The muon, however, didn’t merely foreshadow all of these new discoveries, but it also yielded an exciting and counterintuitive demonstration of Einstein’s relativity. The muons that get created from cosmic ray collisions, on average, originate at an altitude of 100 kilometers. However, the mean lifetime of a muon is only 2.2 microseconds. If a muon moved extremely close to the speed of light at 300,000 km/s, you can do a little math, multiplying that speed by the muon’s lifetime, to find that they should travel about 660 meters before decaying.
But muons arrive at Earth’s surface, journeying 100 kilometers and still not decaying! How is this possible? Without relativity, it wouldn’t be. But relativity brings along the phenomenon of time dilation, enabling particles that move close to the speed of light to experience time passing more slowly than they do for observers at rest. Without time dilation, we would never have discovered these cosmic muons, and we wouldn’t be able to see them in our terrestrial cloud chambers, not unless we created them from particle accelerators. Einstein, despite not knowing it, helped us discover this fundamentally new form of matter.
Looking ahead, being able to control and manipulate these muons just might lead to advances in experimental particle physics that no other type of collider can match. When you build a particle accelerator, there are only three factors that determine how energetic your collisions are:
- how big your ring is, with larger circumference rings achieving higher energies,
- how strong your magnetic fields that bend your charged particles are, with stronger magnets leading to higher energies,
- and the charge-to-mass ratio of your particle, with low masses leading to synchrotron radiation and a limiting energy, and high masses not having that problem.

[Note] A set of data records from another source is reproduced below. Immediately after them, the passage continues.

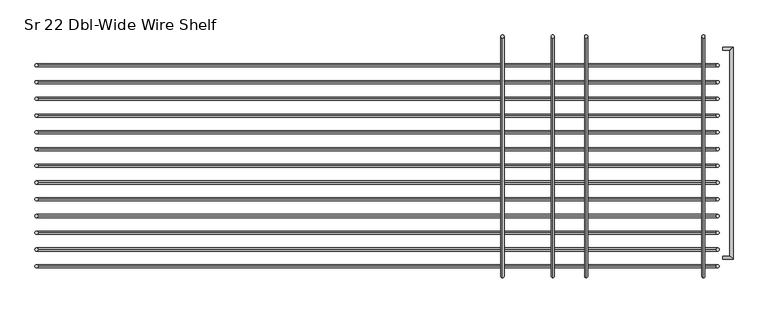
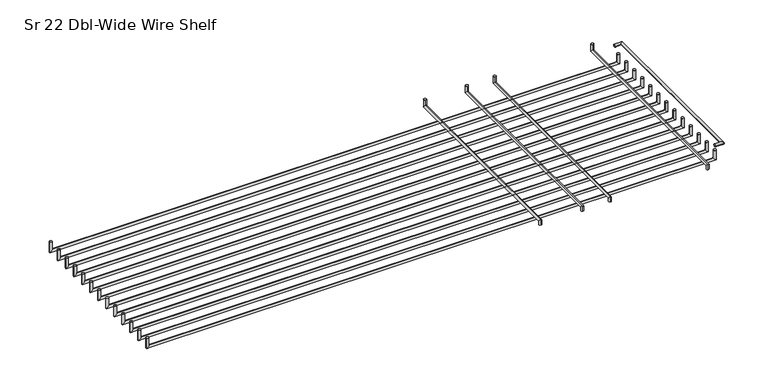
"""IFC4 building model written with IfcOpenShell, lengths in millimetres: furniture geometry, HermanMiller_Carts_CT521_CartShelf : Sr 22 Dbl-Wide Wire Shelf."""

from ifc_helpers import new_model, si_unit, frame, origin, place, context, project, spatial, circle_curve, ellipse_curve, source, transform, mapped, element, save
from ifc_brep_helpers import plane_surface, cylinder_surface, advanced_brep


def sr_22_dbl_wide_wire_shelf_5bae1492(model_context):
    return source(origin(), model_context, "Body", "AdvancedBrep", [
        advanced_brep(
        [(743.3373883, -178.26736, 2470.9501), (743.3373883, -183.04256, 2470.9501), (743.3373883, 133.81736, 2470.9501), (743.3373883, 138.59256, 2470.9501), (759.2123883, -183.04256, 2470.9501), (754.4371883, -178.26736, 2470.9501), (759.2123883, 138.59256, 2470.9501), (754.4371883, 133.81736, 2470.9501)],
        [
            (0, 1, circle_curve(frame((743.3373883, -180.65496, 2470.9501), z_axis=(-1.0, 0.0, 0.0), x_axis=(0.0, -1.0, 0.0)), 2.3876)),
            (1, 0, circle_curve(frame((743.3373883, -180.65496, 2470.9501), z_axis=(-1.0, 0.0, 0.0), x_axis=(0.0, -1.0, 0.0)), 2.3876)),
            (2, 3, circle_curve(frame((743.3373883, 136.20496, 2470.9501), z_axis=(-1.0, 0.0, 0.0), x_axis=(0.0, 1.0, 0.0)), 2.3876)),
            (3, 2, circle_curve(frame((743.3373883, 136.20496, 2470.9501), z_axis=(-1.0, 0.0, 0.0), x_axis=(0.0, 1.0, 0.0)), 2.3876)),
            (1, 4),
            (4, 5, ellipse_curve(frame((756.8247883, -180.65496, 2470.9501), z_axis=(-0.7071067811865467, -0.7071067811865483, 0.0), x_axis=(-0.7071067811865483, 0.7071067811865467, 0.0)), 3.3765763, 2.3876)),
            (5, 0),
            (5, 4, ellipse_curve(frame((756.8247883, -180.65496, 2470.9501), z_axis=(-0.7071067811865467, -0.7071067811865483, 0.0), x_axis=(-0.7071067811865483, 0.7071067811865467, 0.0)), 3.3765763, 2.3876)),
            (4, 6),
            (6, 7, ellipse_curve(frame((756.8247883, 136.20496, 2470.9501), z_axis=(0.7071067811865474, -0.7071067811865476, 0.0), x_axis=(-0.7071067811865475, -0.7071067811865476, 0.0)), 3.3765763, 2.3876)),
            (7, 5),
            (7, 6, ellipse_curve(frame((756.8247883, 136.20496, 2470.9501), z_axis=(0.7071067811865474, -0.7071067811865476, 0.0), x_axis=(-0.7071067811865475, -0.7071067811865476, 0.0)), 3.3765763, 2.3876)),
            (6, 3),
            (2, 7),
        ],
        [
            plane_surface(frame((743.3373883, -180.65496, 2470.9501), z_axis=(-1.0, 0.0, 0.0), x_axis=(0.0, 0.0, 1.0))),
            plane_surface(frame((743.3373883, 136.20496, 2470.9501), z_axis=(-1.0, 0.0, 0.0), x_axis=(0.0, 0.0, 1.0))),
            cylinder_surface(frame((743.3373883, -180.65496, 2470.9501), z_axis=(-1.0, 0.0, 0.0), x_axis=(0.0, -1.0, 0.0)), 2.3876),
            cylinder_surface(frame((756.8247883, -180.65496, 2470.9501), z_axis=(0.0, -1.0, 0.0), x_axis=(1.0, 0.0, 0.0)), 2.3876),
            cylinder_surface(frame((756.8247883, 136.20496, 2470.9501), z_axis=(1.0, 0.0, 0.0), x_axis=(0.0, 1.0, 0.0)), 2.3876),
        ],
        [
            (0, [[1, 2]]),
            (1, [[3, 4]]),
            (2, [[5, 6, 7, -2]]),
            (2, [[-7, 8, -5, -1]]),
            (3, [[9, 10, 11, -6]]),
            (3, [[-11, 12, -9, -8]]),
            (4, [[13, -3, 14, -10]]),
            (4, [[-14, -4, -13, -12]]),
        ],
    ),
        advanced_brep(
        [(733.4732983, 34.925, 2473.3377), (738.2357983, 34.925, 2473.3377), (733.4732983, 34.925, 2458.0596), (738.2357983, 34.925, 2453.2971), (-295.1886017, 34.925, 2458.0596), (-299.9511017, 34.925, 2453.2971), (-295.1886017, 34.925, 2473.3377), (-299.9511017, 34.925, 2473.3377)],
        [
            (0, 1, circle_curve(frame((735.8545483, 34.925, 2473.3377), z_axis=(0.0, 0.0, 1.0), x_axis=(1.0, 0.0, 0.0)), 2.38125)),
            (1, 0, circle_curve(frame((735.8545483, 34.925, 2473.3377), z_axis=(0.0, 0.0, 1.0), x_axis=(1.0, 0.0, 0.0)), 2.38125)),
            (0, 2),
            (2, 3, ellipse_curve(frame((735.8545483, 34.925, 2455.67835), z_axis=(0.7071067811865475, 0.0, 0.7071067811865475), x_axis=(-0.7071067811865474, 0.0, 0.7071067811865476)), 3.367596, 2.38125)),
            (3, 1),
            (3, 2, ellipse_curve(frame((735.8545483, 34.925, 2455.67835), z_axis=(0.7071067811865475, 0.0, 0.7071067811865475), x_axis=(-0.7071067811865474, 0.0, 0.7071067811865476)), 3.367596, 2.38125)),
            (2, 4),
            (4, 5, ellipse_curve(frame((-297.5698517, 34.925, 2455.67835), z_axis=(0.7071067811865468, 0.0, -0.7071067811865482), x_axis=(0.7071067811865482, 0.0, 0.7071067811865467)), 3.367596, 2.38125)),
            (5, 3),
            (5, 4, ellipse_curve(frame((-297.5698517, 34.925, 2455.67835), z_axis=(0.7071067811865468, 0.0, -0.7071067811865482), x_axis=(0.7071067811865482, 0.0, 0.7071067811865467)), 3.367596, 2.38125)),
            (6, 7, circle_curve(frame((-297.5698517, 34.925, 2473.3377), z_axis=(0.0, 0.0, 1.0), x_axis=(-1.0, 0.0, 0.0)), 2.38125)),
            (7, 6, circle_curve(frame((-297.5698517, 34.925, 2473.3377), z_axis=(0.0, 0.0, 1.0), x_axis=(-1.0, 0.0, 0.0)), 2.38125)),
            (4, 6),
            (7, 5),
        ],
        [
            plane_surface(frame((735.8545483, 34.925, 2473.3377), z_axis=(0.0, 0.0, 1.0), x_axis=(0.0, -1.0, 0.0))),
            cylinder_surface(frame((735.8545483, 34.925, 2473.3377), z_axis=(0.0, 0.0, 1.0), x_axis=(1.0, 0.0, 0.0)), 2.38125),
            cylinder_surface(frame((735.8545483, 34.925, 2455.67835), z_axis=(1.0, 0.0, 0.0), x_axis=(0.0, 0.0, -1.0)), 2.38125),
            plane_surface(frame((-297.5698517, 34.925, 2473.3377), z_axis=(0.0, 0.0, 1.0), x_axis=(0.0, -1.0, 0.0))),
            cylinder_surface(frame((-297.5698517, 34.925, 2455.67835), z_axis=(0.0, 0.0, -1.0), x_axis=(-1.0, 0.0, 0.0)), 2.38125),
        ],
        [
            (0, [[1, 2]]),
            (1, [[-1, 3, 4, 5]]),
            (1, [[-2, -5, 6, -3]]),
            (2, [[-4, 7, 8, 9]]),
            (2, [[-6, -9, 10, -7]]),
            (3, [[11, 12]]),
            (4, [[-8, 13, -12, 14]]),
            (4, [[-10, -14, -11, -13]]),
        ],
    ),
        advanced_brep(
        [(733.4732983, -15.875, 2473.3377), (738.2357983, -15.875, 2473.3377), (733.4732983, -15.875, 2458.0596), (738.2357983, -15.875, 2453.2971), (-295.1886017, -15.875, 2458.0596), (-299.9511017, -15.875, 2453.2971), (-295.1886017, -15.875, 2473.3377), (-299.9511017, -15.875, 2473.3377)],
        [
            (0, 1, circle_curve(frame((735.8545483, -15.875, 2473.3377), z_axis=(0.0, 0.0, 1.0), x_axis=(1.0, 0.0, 0.0)), 2.38125)),
            (1, 0, circle_curve(frame((735.8545483, -15.875, 2473.3377), z_axis=(0.0, 0.0, 1.0), x_axis=(1.0, 0.0, 0.0)), 2.38125)),
            (0, 2),
            (2, 3, ellipse_curve(frame((735.8545483, -15.875, 2455.67835), z_axis=(0.7071067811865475, 0.0, 0.7071067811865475), x_axis=(-0.7071067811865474, 0.0, 0.7071067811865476)), 3.367596, 2.38125)),
            (3, 1),
            (3, 2, ellipse_curve(frame((735.8545483, -15.875, 2455.67835), z_axis=(0.7071067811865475, 0.0, 0.7071067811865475), x_axis=(-0.7071067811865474, 0.0, 0.7071067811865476)), 3.367596, 2.38125)),
            (2, 4),
            (4, 5, ellipse_curve(frame((-297.5698517, -15.875, 2455.67835), z_axis=(0.7071067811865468, 0.0, -0.7071067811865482), x_axis=(0.7071067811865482, 0.0, 0.7071067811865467)), 3.367596, 2.38125)),
            (5, 3),
            (5, 4, ellipse_curve(frame((-297.5698517, -15.875, 2455.67835), z_axis=(0.7071067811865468, 0.0, -0.7071067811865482), x_axis=(0.7071067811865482, 0.0, 0.7071067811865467)), 3.367596, 2.38125)),
            (6, 7, circle_curve(frame((-297.5698517, -15.875, 2473.3377), z_axis=(0.0, 0.0, 1.0), x_axis=(-1.0, 0.0, 0.0)), 2.38125)),
            (7, 6, circle_curve(frame((-297.5698517, -15.875, 2473.3377), z_axis=(0.0, 0.0, 1.0), x_axis=(-1.0, 0.0, 0.0)), 2.38125)),
            (4, 6),
            (7, 5),
        ],
        [
            plane_surface(frame((735.8545483, -15.875, 2473.3377), z_axis=(0.0, 0.0, 1.0), x_axis=(0.0, -1.0, 0.0))),
            cylinder_surface(frame((735.8545483, -15.875, 2473.3377), z_axis=(0.0, 0.0, 1.0), x_axis=(1.0, 0.0, 0.0)), 2.38125),
            cylinder_surface(frame((735.8545483, -15.875, 2455.67835), z_axis=(1.0, 0.0, 0.0), x_axis=(0.0, 0.0, -1.0)), 2.38125),
            plane_surface(frame((-297.5698517, -15.875, 2473.3377), z_axis=(0.0, 0.0, 1.0), x_axis=(0.0, -1.0, 0.0))),
            cylinder_surface(frame((-297.5698517, -15.875, 2455.67835), z_axis=(0.0, 0.0, -1.0), x_axis=(-1.0, 0.0, 0.0)), 2.38125),
        ],
        [
            (0, [[1, 2]]),
            (1, [[-1, 3, 4, 5]]),
            (1, [[-2, -5, 6, -3]]),
            (2, [[-4, 7, 8, 9]]),
            (2, [[-6, -9, 10, -7]]),
            (3, [[11, 12]]),
            (4, [[-8, 13, -12, 14]]),
            (4, [[-10, -14, -11, -13]]),
        ],
    ),
        advanced_brep(
        [(733.4732983, -66.675, 2473.3377), (738.2357983, -66.675, 2473.3377), (733.4732983, -66.675, 2458.0596), (738.2357983, -66.675, 2453.2971), (-295.1886017, -66.675, 2458.0596), (-299.9511017, -66.675, 2453.2971), (-295.1886017, -66.675, 2473.3377), (-299.9511017, -66.675, 2473.3377)],
        [
            (0, 1, circle_curve(frame((735.8545483, -66.675, 2473.3377), z_axis=(0.0, 0.0, 1.0), x_axis=(1.0, 0.0, 0.0)), 2.38125)),
            (1, 0, circle_curve(frame((735.8545483, -66.675, 2473.3377), z_axis=(0.0, 0.0, 1.0), x_axis=(1.0, 0.0, 0.0)), 2.38125)),
            (0, 2),
            (2, 3, ellipse_curve(frame((735.8545483, -66.675, 2455.67835), z_axis=(0.7071067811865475, 0.0, 0.7071067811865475), x_axis=(-0.7071067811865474, 0.0, 0.7071067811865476)), 3.367596, 2.38125)),
            (3, 1),
            (3, 2, ellipse_curve(frame((735.8545483, -66.675, 2455.67835), z_axis=(0.7071067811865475, 0.0, 0.7071067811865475), x_axis=(-0.7071067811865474, 0.0, 0.7071067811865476)), 3.367596, 2.38125)),
            (2, 4),
            (4, 5, ellipse_curve(frame((-297.5698517, -66.675, 2455.67835), z_axis=(0.7071067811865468, 0.0, -0.7071067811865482), x_axis=(0.7071067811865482, 0.0, 0.7071067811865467)), 3.367596, 2.38125)),
            (5, 3),
            (5, 4, ellipse_curve(frame((-297.5698517, -66.675, 2455.67835), z_axis=(0.7071067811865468, 0.0, -0.7071067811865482), x_axis=(0.7071067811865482, 0.0, 0.7071067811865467)), 3.367596, 2.38125)),
            (6, 7, circle_curve(frame((-297.5698517, -66.675, 2473.3377), z_axis=(0.0, 0.0, 1.0), x_axis=(-1.0, 0.0, 0.0)), 2.38125)),
            (7, 6, circle_curve(frame((-297.5698517, -66.675, 2473.3377), z_axis=(0.0, 0.0, 1.0), x_axis=(-1.0, 0.0, 0.0)), 2.38125)),
            (4, 6),
            (7, 5),
        ],
        [
            plane_surface(frame((735.8545483, -66.675, 2473.3377), z_axis=(0.0, 0.0, 1.0), x_axis=(0.0, -1.0, 0.0))),
            cylinder_surface(frame((735.8545483, -66.675, 2473.3377), z_axis=(0.0, 0.0, 1.0), x_axis=(1.0, 0.0, 0.0)), 2.38125),
            cylinder_surface(frame((735.8545483, -66.675, 2455.67835), z_axis=(1.0, 0.0, 0.0), x_axis=(0.0, 0.0, -1.0)), 2.38125),
            plane_surface(frame((-297.5698517, -66.675, 2473.3377), z_axis=(0.0, 0.0, 1.0), x_axis=(0.0, -1.0, 0.0))),
            cylinder_surface(frame((-297.5698517, -66.675, 2455.67835), z_axis=(0.0, 0.0, -1.0), x_axis=(-1.0, 0.0, 0.0)), 2.38125),
        ],
        [
            (0, [[1, 2]]),
            (1, [[-1, 3, 4, 5]]),
            (1, [[-2, -5, 6, -3]]),
            (2, [[-4, 7, 8, 9]]),
            (2, [[-6, -9, 10, -7]]),
            (3, [[11, 12]]),
            (4, [[-8, 13, -12, 14]]),
            (4, [[-10, -14, -11, -13]]),
        ],
    ),
        advanced_brep(
        [(733.4732983, -117.475, 2473.3377), (738.2357983, -117.475, 2473.3377), (733.4732983, -117.475, 2458.0596), (738.2357983, -117.475, 2453.2971), (-295.1886017, -117.475, 2458.0596), (-299.9511017, -117.475, 2453.2971), (-295.1886017, -117.475, 2473.3377), (-299.9511017, -117.475, 2473.3377)],
        [
            (0, 1, circle_curve(frame((735.8545483, -117.475, 2473.3377), z_axis=(0.0, 0.0, 1.0), x_axis=(1.0, 0.0, 0.0)), 2.38125)),
            (1, 0, circle_curve(frame((735.8545483, -117.475, 2473.3377), z_axis=(0.0, 0.0, 1.0), x_axis=(1.0, 0.0, 0.0)), 2.38125)),
            (0, 2),
            (2, 3, ellipse_curve(frame((735.8545483, -117.475, 2455.67835), z_axis=(0.7071067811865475, 0.0, 0.7071067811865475), x_axis=(-0.7071067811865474, 0.0, 0.7071067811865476)), 3.367596, 2.38125)),
            (3, 1),
            (3, 2, ellipse_curve(frame((735.8545483, -117.475, 2455.67835), z_axis=(0.7071067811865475, 0.0, 0.7071067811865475), x_axis=(-0.7071067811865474, 0.0, 0.7071067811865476)), 3.367596, 2.38125)),
            (2, 4),
            (4, 5, ellipse_curve(frame((-297.5698517, -117.475, 2455.67835), z_axis=(0.7071067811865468, 0.0, -0.7071067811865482), x_axis=(0.7071067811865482, 0.0, 0.7071067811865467)), 3.367596, 2.38125)),
            (5, 3),
            (5, 4, ellipse_curve(frame((-297.5698517, -117.475, 2455.67835), z_axis=(0.7071067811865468, 0.0, -0.7071067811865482), x_axis=(0.7071067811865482, 0.0, 0.7071067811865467)), 3.367596, 2.38125)),
            (6, 7, circle_curve(frame((-297.5698517, -117.475, 2473.3377), z_axis=(0.0, 0.0, 1.0), x_axis=(-1.0, 0.0, 0.0)), 2.38125)),
            (7, 6, circle_curve(frame((-297.5698517, -117.475, 2473.3377), z_axis=(0.0, 0.0, 1.0), x_axis=(-1.0, 0.0, 0.0)), 2.38125)),
            (4, 6),
            (7, 5),
        ],
        [
            plane_surface(frame((735.8545483, -117.475, 2473.3377), z_axis=(0.0, 0.0, 1.0), x_axis=(0.0, -1.0, 0.0))),
            cylinder_surface(frame((735.8545483, -117.475, 2473.3377), z_axis=(0.0, 0.0, 1.0), x_axis=(1.0, 0.0, 0.0)), 2.38125),
            cylinder_surface(frame((735.8545483, -117.475, 2455.67835), z_axis=(1.0, 0.0, 0.0), x_axis=(0.0, 0.0, -1.0)), 2.38125),
            plane_surface(frame((-297.5698517, -117.475, 2473.3377), z_axis=(0.0, 0.0, 1.0), x_axis=(0.0, -1.0, 0.0))),
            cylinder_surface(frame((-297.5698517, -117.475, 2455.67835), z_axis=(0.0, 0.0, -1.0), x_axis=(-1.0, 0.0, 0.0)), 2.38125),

That third factor is why we use protons instead of electrons in accelerators like the Large Hadron Collider at CERN, but there’s a drawback: protons are composite particles, and only a tiny fraction of its total energy winds up in a quark or gluon that collides with another. But the muon doesn’t suffer from that drawback, and it also isn’t limited by synchrotron radiation like electrons are, due to its much heavier mass. If we can master muon accelerators, we just might unlock the next frontier in experimental particle physics.
Today, we can look back on the discovery of the muon as quaint, with our hot air balloons and primitive detectors revealing these uniquely bent particle tracks. But the muon itself continues to provide a legacy of scientific discoveries. From its power in illustrating the effects of time dilation on a particle’s observed lifetime to its potential to lead to a fundamentally new, superior type of particle accelerator, the muon is a whole lot more than just background noise in some of our most sensitive, underground experiments searching for the rarest particle interactions of all. Even today, the experiment to measure the muon’s magnetic dipole moment could be the key that takes us, at last, into understanding physics beyond the Standard Model.
Still, when it unexpectedly announced its existence in the 1930s, it was truly a surprise. For all of history before then, no one had imagined that nature would make multiple copies of the fundamental particles that underpinned our reality, and that those particles would all be unstable against decays. The muon just happens to be the first, lightest, and longest-lived of all of those particles. When you think of the muon, remember it as the first “generation 2” particle ever discovered, and the first clue we ever got as to the true nature of the Standard Model.